SPONTANEOUS RHYTHMICITY
Spontaneous discharge occurs normally in cardiac (heart beating) and smooth
muscle (intestinal peristalsis) and many neurons in the CNS (rhythmic control
of breathing).
Spontaneous repetitive discharge occurs due to Na leak during the resting
state. The RMP of such cells is about - 60 to -70 mv which is not enough to
keep Na or Ca channels closed so there will be Na or Ca leak to inside the cell
making the membrane potential less negative, this will cause more channels
to open allowing more Na and Ca inflow then opening more new channels
and so on.
This regenerative process is repeated until the firing level is reached and
another AP is produced. At the end of AP, the membrane repolarizes again but
shortly then after a new AP is generated spontaneously.
THE EFFECT OF CALCIUM IONS ON
NEURON EXCITABILITY
A decrease Ca ion concentration in extra cellular
fluid (hypocalcemia) leads to increased neuron
excitability due to the easily opening the
voltage-gated Na channels .
it leads to spontaneous discharge in many
peripheral nerves causing muscle tetany .

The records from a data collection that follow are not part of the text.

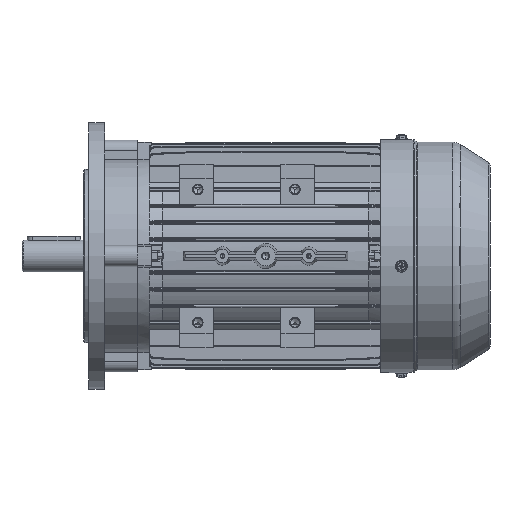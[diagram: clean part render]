
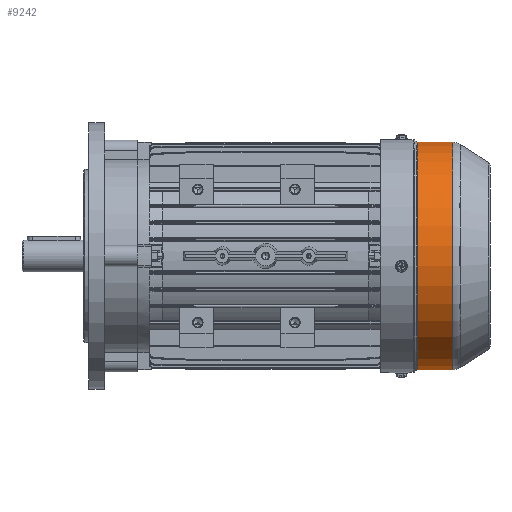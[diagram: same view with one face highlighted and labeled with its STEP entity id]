
A CAD part, front view. The second image highlights one B-rep face of the part: STEP entity #9242.
In plain terms, the highlighted cylindrical face has radius 85.75 mm (diameter 171.5 mm), a partial arc.
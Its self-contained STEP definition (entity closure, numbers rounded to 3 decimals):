
#2767 = CARTESIAN_POINT ( 'NONE',  ( -54.056, 0., 0. ) ) ;
#8441 = CARTESIAN_POINT ( 'NONE',  ( -54.056, 0., -85.75 ) ) ;
#8484 = DIRECTION ( 'NONE',  ( -1., 0., 0. ) ) ;
#9242 = ADVANCED_FACE ( 'NONE', ( #63517 ), #62028, .T. ) ;
#20958 = DIRECTION ( 'NONE',  ( 0., 0., 1. ) ) ;
#21380 = DIRECTION ( 'NONE',  ( -1., 0., 0. ) ) ;
#25848 = EDGE_LOOP ( 'NONE', ( #109627, #30909, #82114, #32492 ) ) ;
#25915 = EDGE_CURVE ( 'NONE', #112664, #90263, #77755, .T. ) ;
#26338 = CARTESIAN_POINT ( 'NONE',  ( -80., 0., 85.75 ) ) ;
#28774 = AXIS2_PLACEMENT_3D ( 'NONE', #2767, #119951, #81275 ) ;
#30909 = ORIENTED_EDGE ( 'NONE', *, *, #63961, .T. ) ;
#32313 = AXIS2_PLACEMENT_3D ( 'NONE', #49497, #21380, #20958 ) ;
#32492 = ORIENTED_EDGE ( 'NONE', *, *, #114090, .T. ) ;
#35473 = VERTEX_POINT ( 'NONE', #76861 ) ;
#35576 = VECTOR ( 'NONE', #8484, 1000. ) ;
#49497 = CARTESIAN_POINT ( 'NONE',  ( -27.414, 0., 0. ) ) ;
#52866 = CARTESIAN_POINT ( 'NONE',  ( -27.414, 0., -85.75 ) ) ;
#59501 = VERTEX_POINT ( 'NONE', #97660 ) ;
#62028 = CYLINDRICAL_SURFACE ( 'NONE', #115172, 85.75 ) ;
#63517 = FACE_OUTER_BOUND ( 'NONE', #25848, .T. ) ;
#63961 = EDGE_CURVE ( 'NONE', #112664, #35473, #84681, .T. ) ;
#74835 = DIRECTION ( 'NONE',  ( 0., 0., 1. ) ) ;
#75843 = EDGE_CURVE ( 'NONE', #35473, #59501, #114553, .T. ) ;
#76833 = DIRECTION ( 'NONE',  ( -1., 0., 0. ) ) ;
#76861 = CARTESIAN_POINT ( 'NONE',  ( -27.414, 0., 85.75 ) ) ;
#77755 = LINE ( 'NONE', #95991, #88365 ) ;
#81275 = DIRECTION ( 'NONE',  ( 0., 0., -1. ) ) ;
#82114 = ORIENTED_EDGE ( 'NONE', *, *, #75843, .T. ) ;
#84583 = CARTESIAN_POINT ( 'NONE',  ( -80., 0., 0. ) ) ;
#84681 = CIRCLE ( 'NONE', #32313, 85.75 ) ;
#88365 = VECTOR ( 'NONE', #76833, 1000. ) ;
#90263 = VERTEX_POINT ( 'NONE', #8441 ) ;
#95991 = CARTESIAN_POINT ( 'NONE',  ( -80., 0., -85.75 ) ) ;
#97660 = CARTESIAN_POINT ( 'NONE',  ( -54.056, 0., 85.75 ) ) ;
#102939 = DIRECTION ( 'NONE',  ( -1., 0., 0. ) ) ;
#109627 = ORIENTED_EDGE ( 'NONE', *, *, #25915, .F. ) ;
#112664 = VERTEX_POINT ( 'NONE', #52866 ) ;
#114090 = EDGE_CURVE ( 'NONE', #59501, #90263, #122754, .T. ) ;
#114553 = LINE ( 'NONE', #26338, #35576 ) ;
#115172 = AXIS2_PLACEMENT_3D ( 'NONE', #84583, #102939, #74835 ) ;
#119951 = DIRECTION ( 'NONE',  ( 1., 0., 0. ) ) ;
#122754 = CIRCLE ( 'NONE', #28774, 85.75 ) ;

Factors Which Inhibit Nerve Exitability
1. Hypercalcemia(high ECF Ca).
2. Hypokalemia (low ECF K)
3. Local anesthesia
ORTHODROMIC AND ANTIDROMIC CONDUCTION
An axon can conduct in both directions, however in living animals'
impulses pass in one direction only from synaptic junction or
receptors then along the axon to their termination. Such conduction
is called orthodromic
while conduction in the opposite direction is called antidromic.
Synapse permits conduction in one direction only.